Correlation of cervical progesterone levels to plasma progesterone levels in normal pregnancy and preterm labor: A cross-sectional study

Introduction

Preterm birth contributes long and short-term effects to neonatal health problems. The incidence of preterm birth has not shown a significant decline. About a decade ago, the incidence of preterm birth was reported around 12–13% in United States and 5–11% in developed countries^1,2. In Indonesia the rate of preterm birth is 15.5% and is included in the group of 10 countries with the highest preterm birth according to the World Health Organization 2013³.

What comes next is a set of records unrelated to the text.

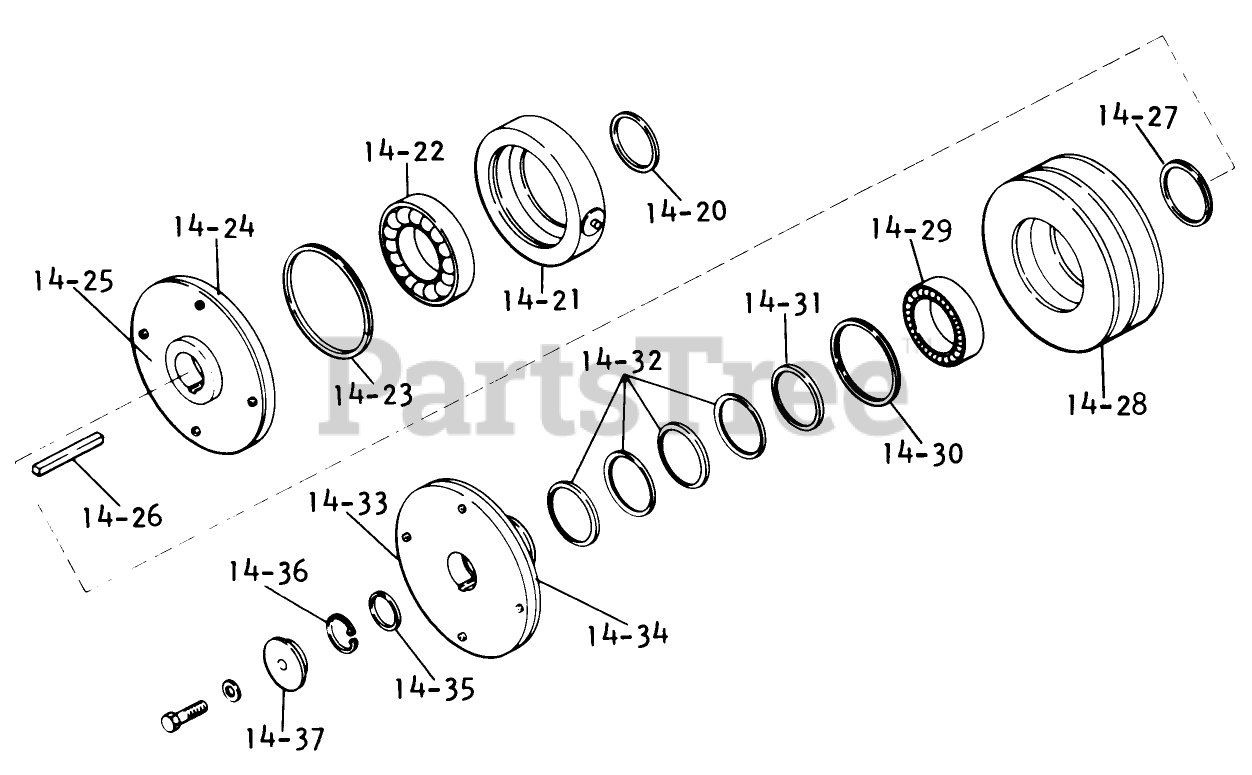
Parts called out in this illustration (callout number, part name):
14-21	ASSY COLLAR
14-22	BEARING
14-25	CLUTCH FACING
14-25	RIVET
14-27	RING EXTERNAL
14-28	PULLEY CLUTCH
14-31	WASHER
14-34	CLUTCH FACING
14-34	RIVET
14-35	WASHER
14-37	LOCKWASHER

The hormone progesterone maintains the continuity of pregnancy in order to prevent preterm labor that can cause preterm delivery. Progesterone is a steroid hormone which has important role of maintaining uterine quiescence until the pregnancy reaches term. A recent study stated that circulatory progesterone level in humans remains stable until placenta is born. Nevertheless, the role of progesterone in the onset of labor is still believed to occur through an indirect mechanism called “functional progesterone withdrawal”^4,5.

Circulation of progesterone hormones may enter the peripheral tissue such as salivary glands and cervix. Progesterone regulation also occurs in the uterus and cervix. The uterus produces 5α-reductase enzyme and 20α-hydroxysteroid dehydrogenase enzyme (20α-HSD) which converts progesterone into inactive metabolites and decreases the uterine quiescence⁶. Mahendroo et al.⁶ showed that in a term rat uterus with 5α-reductase deficiency, the uterus remains to contract although delivery does not happen because there was no cervix maturation.

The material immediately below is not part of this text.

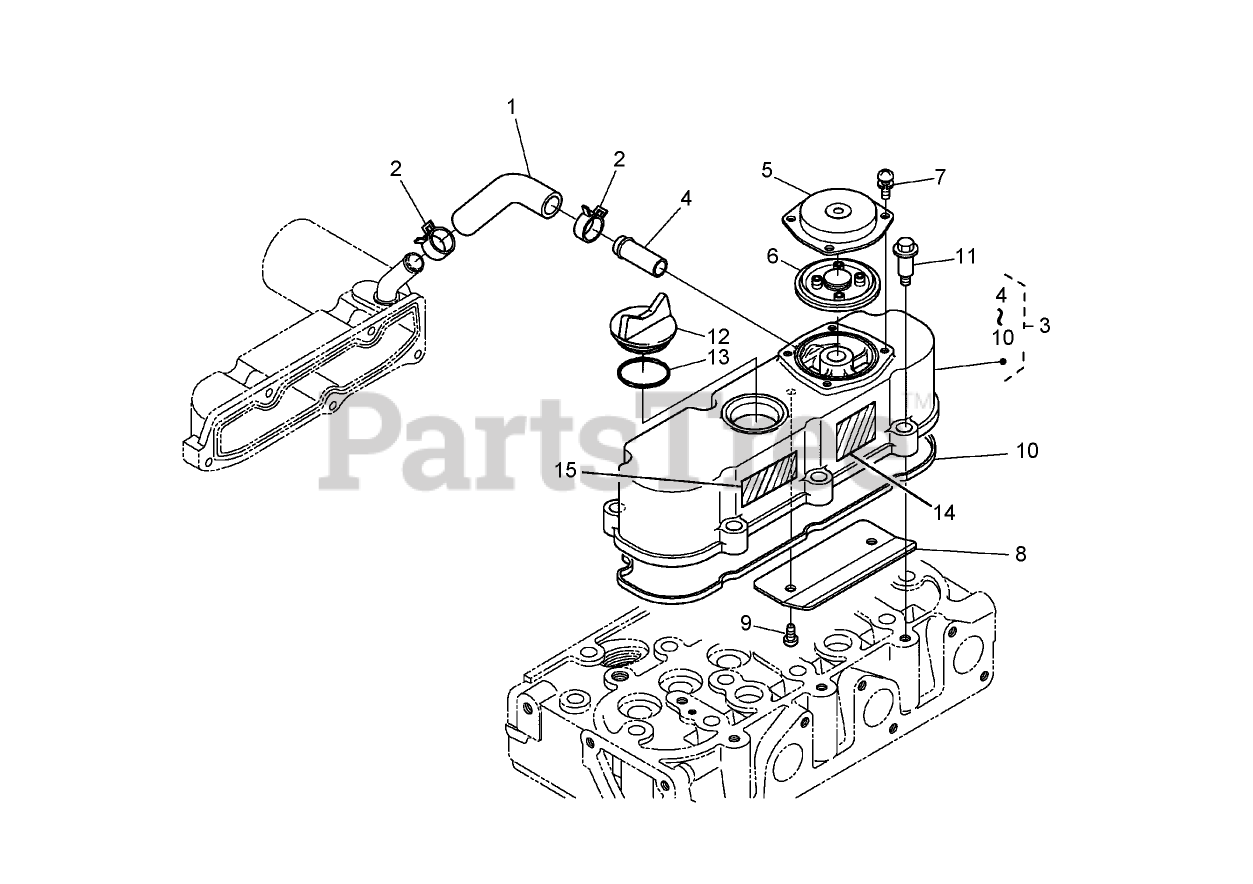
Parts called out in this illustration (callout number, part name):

Andersson et al.⁷ showed that during pregnancy, cervical glandular epithelial cells produce 17β-hydroxysteroid dehydrogenase (17β-HSD) type 2 enzyme that converts estradiol to estrone and 20α-hydroxyprogesterone (20αP) to progesterone. Approaching delivery, regulation of 17β-HSD type 2 decreases and creates a state that supports cervical maturation. The data on the study by Andersson et al. supports the idea that cervical maturation and myometrial contraction in labor involves regulation of progesterone in the cervix and uterus through the complex relationship between cervical epithelial, stromal, and myometrium⁷.

Progesterone plasma level is widely studied to monitor the function of the corpus luteum in secretory phase and the beginning of pregnancy. In later pregnancy, progesterone level monitoring is only done for individuals with a high risk of having abortus or preterm delivery, although the effectivity of its application in clinical practice remains controversial⁸.

Assumption about the reduced quantity of plasma progesterone before delivery is now widely questioned. Currently, the role that progesterone plays before delivery is described as “progesterone functional withdrawal” theory. Prior studies mention that there is progesterone regulation in the cervix, which contributes to preserve cervical integrity as well as cervical maturation^6,7. It is assumed that cervical progesterone levels reflect the target organ’s progesterone activity, i.e. the cervix, better than circulatory progesterone. Therefore, measuring cervical mucus progesterone during normal pregnancy and preterm delivery pregnancy needs to be explored. As far as we know, there has been no research that measures levels of progesterone in cervical mucus.

Methods

Results

This study enrolled a total of 72 pregnant women who met the study criteria. They were divided into two groups: 36 women in the normal pregnancy group and 36 women in the preterm labor group. Table 1 shows that there were no significant differences in age distribution, education level and working status between groups. Gestational age grouping was balanced evenly between the two groups.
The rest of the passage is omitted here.